Мы убежали, долго катались в траве, надрываясь хохотом.
— Ну, как тебе шкода? — спросил Витька.
— Здорово!
— В другой раз еще смешнее хохму учудим…
Другого раза не случилось. Витьку отправили от греха подальше в Новосибирск, в школу ФЗО — фабрично–заводского обучения, на каменщика учиться.
В той литухе на Матросова, 25, родила мать ещё одну девчонку. Не знаю, почему, Зиной её назвали. Зина недолго прожила: около годика. Какая–то страшная болезнь на неё напала: пузырчатка. На тельце несчастного ребенка вздувался пузырёк, лопался, и вся кожа превратилась в одну сплошную язву. Врачи были бессильны. В июне Зиночка умерла в колыбельке в страшных муках. Невинное, безгрешное дитя. За что страдало оно?

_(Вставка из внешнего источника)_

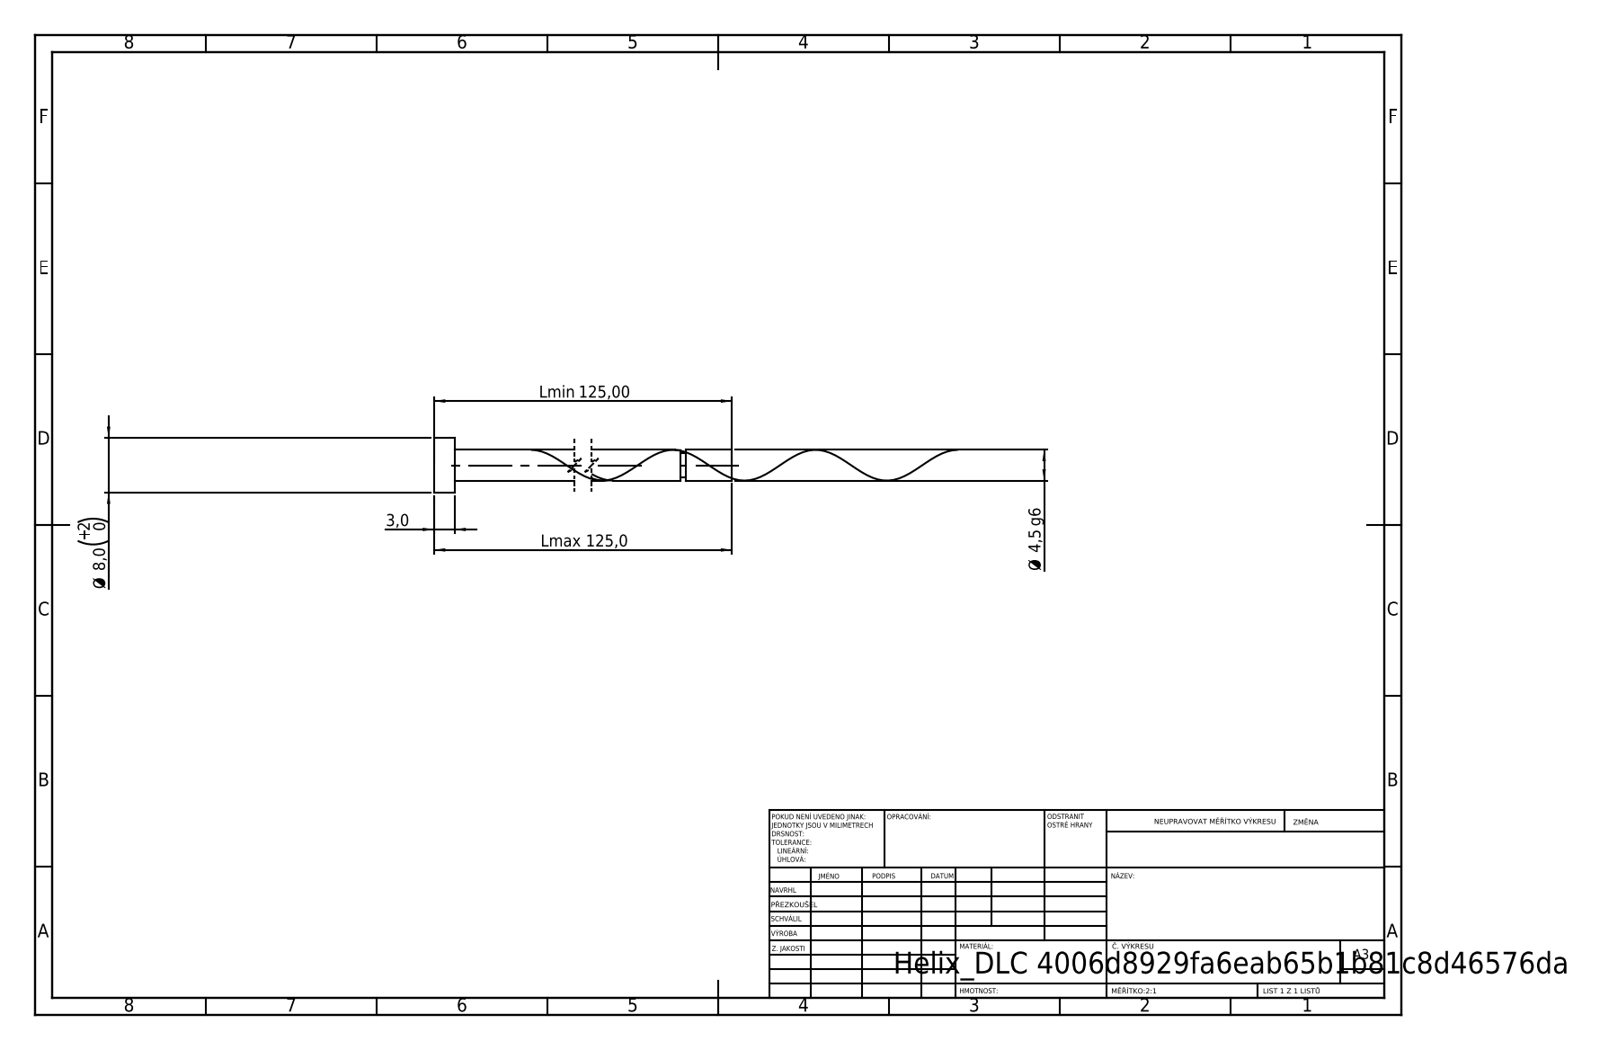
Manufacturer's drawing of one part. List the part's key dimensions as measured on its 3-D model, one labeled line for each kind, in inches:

Я, Петька и Райка сбегали в лес, нарвали огоньков, обложили цветами маленькую покойницу. Прикрытая белой простынкой, она походила на куклу, виденную мною в железнодорожном магазине. Зину похоронили на старом тогучинском кладбище.
На следующий год, на Троицу, я и мать пошли на её могилку. На кладбище нам встретилась нищенка, подавшая нам два чёрных драника из гнилой картошки и попросила помянуть её бедную дочурку. Я хотел выбросить свой драник, но мать заругалась.
— Бедный человек подал. Грех выбрасывать. Надо съесть, а то девочка на том свете обидится на тебя за то, что побрезговал.
Я откусил, выплюнул и незаметно выбросил драник. А мать угощение нищенки съела. И отравилась. Её рвало весь день.
— Почему не блюёшь? Блюй, а то помрёшь.., — то и дело выбегая во двор с приступом рвоты, говорила мне мать.
— Не помру, я не стал есть драник, — признался я.
В той литухе я и Галька лежали рядом на кровати голые, на животе. Моя задница сплошь покрылась болячками золотухи, и мать мазала ее какой–то вонючей мазью. А Галькина задница представляла собой сплошной ожог. Мать сажала Гальку на припечек возле раскаленной плиты. Разумеется, в один далеко не прекрасный день Галька угодила попой на плиту. Гусиное сало — единственное в то время противоожоговое средство, было спасением ей.